**Your objective**
Wherever a picture appears in the listing below, leave it out and reproduce the rest exactly.

**Data**
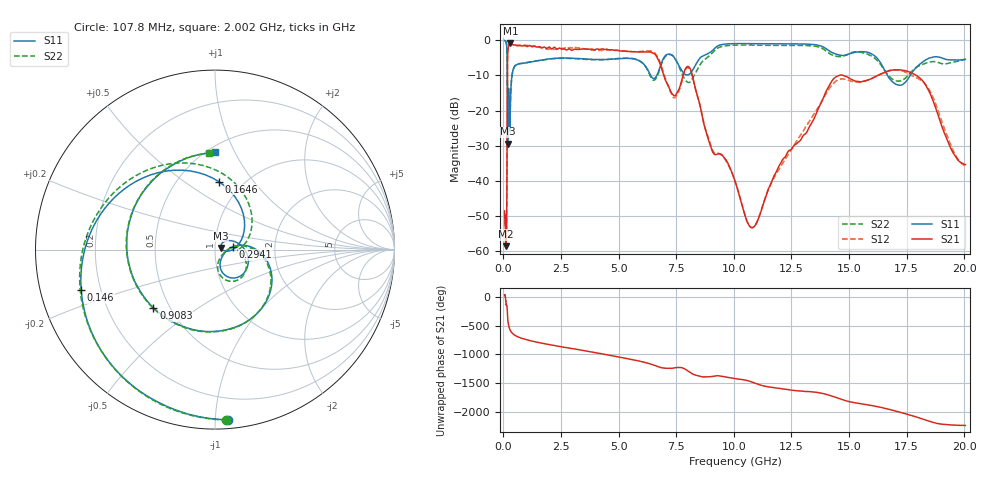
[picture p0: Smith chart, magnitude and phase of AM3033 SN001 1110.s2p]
# Hz S DB R 50
!freq MagS11 AngS11 MagS21 AngS21 MagS12 AngS12 MagS22 AngS22
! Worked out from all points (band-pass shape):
!   1601 points, 50 MHz to 20.05 GHz, reference 50 ohm
!   highest |S21| = -0.94 dB at 298.6 MHz (marker M1); lowest = -58.5 dB at 97.77 MHz (marker M2)
!   |S21| within 3 dB of the highest: 183.2 MHz to 6.567 GHz (6.384 GHz wide, 189 % of centre)
!   lowest |S11| = -29.4 dB at 181.4 MHz (marker M3), VSWR 1.07, Z = 53.4 + j0.893 ohm
!   |S11| at or under -10 dB: 166.4 MHz to 371.7 MHz (205.3 MHz wide, 76.3 % of centre); 6.385 GHz to 6.658 GHz (272.9 MHz wide, 4.18 % of centre); 16.66 GHz to 17.66 GHz (991.5 MHz wide, 5.78 % of centre)
!   |S22| runs from -26.0 to -0.1 dB; largest |S21 - S12| = 0.064
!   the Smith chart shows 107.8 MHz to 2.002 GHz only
!   S11 on the Smith chart (normalised r, x): 107.8 MHz: 0.06, -1.08; 146 MHz: 0.13, -0.15; 164.6 MHz: 0.78, +0.69; 294.1 MHz: 1.22, +0.04; 908.3 MHz: 0.41, -0.34; 2.002 GHz: 0.55, +0.84
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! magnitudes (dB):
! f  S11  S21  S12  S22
! 50 MHz  -0.1  -48.5  -50.1  -0.1
! 97.77 MHz  -0.3  -58.5  -57.6  -0.3
! 107.8 MHz  -0.4  -56.1  -56.2  -0.4
! 135.9 MHz  -1.3  -54.1  -53.8  -1.4
! 146 MHz  -2.2  -46.0  -46.0  -2.2
! 164.6 MHz  -8.4  -14.6  -14.6  -7.5
! 181.4 MHz  -29.4  -4.3  -4.2  -17.8
! 212.3 MHz  -13.9  -2.0  -2.0  -13.4
! 294.1 MHz  -19.9  -0.9  -1.0  -19.9
! 298.6 MHz  -18.6  -0.9  -1.0  -18.6
! 369.6 MHz  -10.1  -1.2  -1.1  -10.1
! 908.3 MHz  -6.5  -1.5  -1.5  -6.5
! 1.005 GHz  -6.4  -1.8  -1.5  -6.4
! 2.002 GHz  -5.3  -2.0  -2.5  -5.4
! 2.722 GHz  -5.1  -2.8  -2.4  -5.2
! 6.396 GHz  -10.1  -3.4  -3.1  -10.5
! 7.402 GHz  -4.9  -15.8  -16.4  -4.7
! 8.129 GHz  -9.3  -8.5  -8.8  -11.7
! 10.77 GHz  -1.0  -53.3  -53.3  -1.4
! 14.58 GHz  -4.2  -10.0  -11.2  -4.7
! 17.78 GHz  -8.8  -9.6  -10.2  -8.4
! 20.05 GHz  -5.5  -35.4  -35.7  -5.3
VAR_GLOBAL
	LON_IN_1 	AT %I*:ST_LON_Parameter_IN_36B;
	LON_OUT_1 	AT %Q*:ST_LON_Parameter_OUT_36B;
	stLON_Com_1	: ST_LON_Communication;

	LON_IN_2 	AT %I*:ST_LON_Parameter_IN_36B;
	LON_OUT_2 	AT %Q*:ST_LON_Parameter_OUT_36B;
	stLON_Com_2	: ST_LON_Communication;

	LON_IN_3 	AT %I*:ST_LON_Parameter_IN_36B;
	LON_OUT_3 	AT %Q*:ST_LON_Parameter_OUT_36B;
	stLON_Com_3	: ST_LON_Communication;

	LON_IN_4 	AT %I*:ST_LON_Parameter_IN_36B;
	LON_OUT_4 	AT %Q*:ST_LON_Parameter_OUT_36B;
	stLON_Com_4	: ST_LON_Communication;

	LON_IN_5 	AT %I*:ST_LON_Parameter_IN_36B;
	LON_OUT_5 	AT %Q*:ST_LON_Parameter_OUT_36B;
	stLON_Com_5	: ST_LON_Communication;

	LON_IN_6 	AT %I*:ST_LON_Parameter_IN_36B;
	LON_OUT_6 	AT %Q*:ST_LON_Parameter_OUT_36B;
	stLON_Com_6	: ST_LON_Communication;

	LON_IN_7 	AT %I*:ST_LON_Parameter_IN_36B;
	LON_OUT_7 	AT %Q*:ST_LON_Parameter_OUT_36B;
	stLON_Com_7	: ST_LON_Communication;
END_VAR

**Reply**
[picture p0: Smith chart, magnitude and phase of AM3033 SN001 1110.s2p]
# Hz S DB R 50
!freq MagS11 AngS11 MagS21 AngS21 MagS12 AngS12 MagS22 AngS22
! Worked out from all points (band-pass shape):
!   1601 points, 50 MHz to 20.05 GHz, reference 50 ohm
!   highest |S21| = -0.94 dB at 298.6 MHz (marker M1); lowest = -58.5 dB at 97.77 MHz (marker M2)
!   |S21| within 3 dB of the highest: 183.2 MHz to 6.567 GHz (6.384 GHz wide, 189 % of centre)
!   lowest |S11| = -29.4 dB at 181.4 MHz (marker M3), VSWR 1.07, Z = 53.4 + j0.893 ohm
!   |S11| at or under -10 dB: 166.4 MHz to 371.7 MHz (205.3 MHz wide, 76.3 % of centre); 6.385 GHz to 6.658 GHz (272.9 MHz wide, 4.18 % of centre); 16.66 GHz to 17.66 GHz (991.5 MHz wide, 5.78 % of centre)
!   |S22| runs from -26.0 to -0.1 dB; largest |S21 - S12| = 0.064
!   the Smith chart shows 107.8 MHz to 2.002 GHz only
!   S11 on the Smith chart (normalised r, x): 107.8 MHz: 0.06, -1.08; 146 MHz: 0.13, -0.15; 164.6 MHz: 0.78, +0.69; 294.1 MHz: 1.22, +0.04; 908.3 MHz: 0.41, -0.34; 2.002 GHz: 0.55, +0.84
! magnitudes (dB):
! f  S11  S21  S12  S22
! 50 MHz  -0.1  -48.5  -50.1  -0.1
! 97.77 MHz  -0.3  -58.5  -57.6  -0.3
! 107.8 MHz  -0.4  -56.1  -56.2  -0.4
! 135.9 MHz  -1.3  -54.1  -53.8  -1.4
! 146 MHz  -2.2  -46.0  -46.0  -2.2
! 164.6 MHz  -8.4  -14.6  -14.6  -7.5
! 181.4 MHz  -29.4  -4.3  -4.2  -17.8
! 212.3 MHz  -13.9  -2.0  -2.0  -13.4
! 294.1 MHz  -19.9  -0.9  -1.0  -19.9
! 298.6 MHz  -18.6  -0.9  -1.0  -18.6
! 369.6 MHz  -10.1  -1.2  -1.1  -10.1
! 908.3 MHz  -6.5  -1.5  -1.5  -6.5
! 1.005 GHz  -6.4  -1.8  -1.5  -6.4
! 2.002 GHz  -5.3  -2.0  -2.5  -5.4
! 2.722 GHz  -5.1  -2.8  -2.4  -5.2
! 6.396 GHz  -10.1  -3.4  -3.1  -10.5
! 7.402 GHz  -4.9  -15.8  -16.4  -4.7
! 8.129 GHz  -9.3  -8.5  -8.8  -11.7
! 10.77 GHz  -1.0  -53.3  -53.3  -1.4
! 14.58 GHz  -4.2  -10.0  -11.2  -4.7
! 17.78 GHz  -8.8  -9.6  -10.2  -8.4
! 20.05 GHz  -5.5  -35.4  -35.7  -5.3
VAR_GLOBAL
	LON_IN_1 	AT %I*:ST_LON_Parameter_IN_36B;
	LON_OUT_1 	AT %Q*:ST_LON_Parameter_OUT_36B;
	stLON_Com_1	: ST_LON_Communication;

	LON_IN_2 	AT %I*:ST_LON_Parameter_IN_36B;
	LON_OUT_2 	AT %Q*:ST_LON_Parameter_OUT_36B;
	stLON_Com_2	: ST_LON_Communication;

	LON_IN_3 	AT %I*:ST_LON_Parameter_IN_36B;
	LON_OUT_3 	AT %Q*:ST_LON_Parameter_OUT_36B;
	stLON_Com_3	: ST_LON_Communication;

	LON_IN_4 	AT %I*:ST_LON_Parameter_IN_36B;
	LON_OUT_4 	AT %Q*:ST_LON_Parameter_OUT_36B;
	stLON_Com_4	: ST_LON_Communication;

	LON_IN_5 	AT %I*:ST_LON_Parameter_IN_36B;
	LON_OUT_5 	AT %Q*:ST_LON_Parameter_OUT_36B;
	stLON_Com_5	: ST_LON_Communication;

	LON_IN_6 	AT %I*:ST_LON_Parameter_IN_36B;
	LON_OUT_6 	AT %Q*:ST_LON_Parameter_OUT_36B;
	stLON_Com_6	: ST_LON_Communication;

	LON_IN_7 	AT %I*:ST_LON_Parameter_IN_36B;
	LON_OUT_7 	AT %Q*:ST_LON_Parameter_OUT_36B;
	stLON_Com_7	: ST_LON_Communication;
END_VAR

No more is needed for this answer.